Records from a dataset
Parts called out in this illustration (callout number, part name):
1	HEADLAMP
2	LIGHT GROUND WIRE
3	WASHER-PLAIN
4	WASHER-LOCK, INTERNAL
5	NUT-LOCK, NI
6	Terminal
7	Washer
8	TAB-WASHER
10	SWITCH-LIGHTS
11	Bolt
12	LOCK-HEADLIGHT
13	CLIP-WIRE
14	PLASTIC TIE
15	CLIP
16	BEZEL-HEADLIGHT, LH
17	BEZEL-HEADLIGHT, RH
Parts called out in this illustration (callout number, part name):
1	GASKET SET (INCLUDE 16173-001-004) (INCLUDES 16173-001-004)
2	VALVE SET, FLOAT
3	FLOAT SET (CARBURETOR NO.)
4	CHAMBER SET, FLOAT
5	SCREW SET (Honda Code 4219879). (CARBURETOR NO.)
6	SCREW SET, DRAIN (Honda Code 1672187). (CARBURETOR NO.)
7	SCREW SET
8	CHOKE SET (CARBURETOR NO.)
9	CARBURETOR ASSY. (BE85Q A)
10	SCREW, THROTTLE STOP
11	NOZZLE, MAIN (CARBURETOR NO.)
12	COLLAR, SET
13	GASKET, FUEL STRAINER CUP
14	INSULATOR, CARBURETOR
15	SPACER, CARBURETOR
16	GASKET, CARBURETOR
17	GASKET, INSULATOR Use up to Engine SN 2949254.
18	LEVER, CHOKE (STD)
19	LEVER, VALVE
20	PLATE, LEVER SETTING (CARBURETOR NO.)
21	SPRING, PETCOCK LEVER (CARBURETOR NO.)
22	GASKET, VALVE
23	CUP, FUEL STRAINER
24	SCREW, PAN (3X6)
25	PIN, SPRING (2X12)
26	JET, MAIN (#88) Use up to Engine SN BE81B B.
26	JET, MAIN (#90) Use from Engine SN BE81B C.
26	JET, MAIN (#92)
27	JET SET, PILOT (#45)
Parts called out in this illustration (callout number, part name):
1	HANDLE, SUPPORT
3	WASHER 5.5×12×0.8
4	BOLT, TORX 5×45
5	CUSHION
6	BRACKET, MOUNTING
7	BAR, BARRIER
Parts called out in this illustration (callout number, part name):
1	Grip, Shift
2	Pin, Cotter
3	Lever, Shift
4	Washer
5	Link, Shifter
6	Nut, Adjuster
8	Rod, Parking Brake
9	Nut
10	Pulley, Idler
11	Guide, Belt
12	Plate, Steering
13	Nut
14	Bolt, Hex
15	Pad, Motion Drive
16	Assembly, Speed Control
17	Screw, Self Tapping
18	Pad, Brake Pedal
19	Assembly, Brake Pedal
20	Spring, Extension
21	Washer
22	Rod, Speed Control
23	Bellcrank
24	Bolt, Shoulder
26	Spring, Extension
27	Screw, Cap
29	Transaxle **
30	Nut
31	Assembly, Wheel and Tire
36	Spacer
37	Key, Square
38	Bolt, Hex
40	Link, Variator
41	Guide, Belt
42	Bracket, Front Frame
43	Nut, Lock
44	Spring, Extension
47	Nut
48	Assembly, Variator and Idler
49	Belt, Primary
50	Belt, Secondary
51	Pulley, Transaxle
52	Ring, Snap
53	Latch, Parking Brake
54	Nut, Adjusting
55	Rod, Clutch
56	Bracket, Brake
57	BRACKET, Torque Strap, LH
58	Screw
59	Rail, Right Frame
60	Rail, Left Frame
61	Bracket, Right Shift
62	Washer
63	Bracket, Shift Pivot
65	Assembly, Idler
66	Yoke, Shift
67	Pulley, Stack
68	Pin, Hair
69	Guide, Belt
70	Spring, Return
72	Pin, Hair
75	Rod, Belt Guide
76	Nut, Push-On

WHAT TO WORK ON
Which lines of the data hold the string "Right"? Return each of them.

ANSWER FOR THIS EXERCISE
59	Rail, Right Frame
61	Bracket, Right Shift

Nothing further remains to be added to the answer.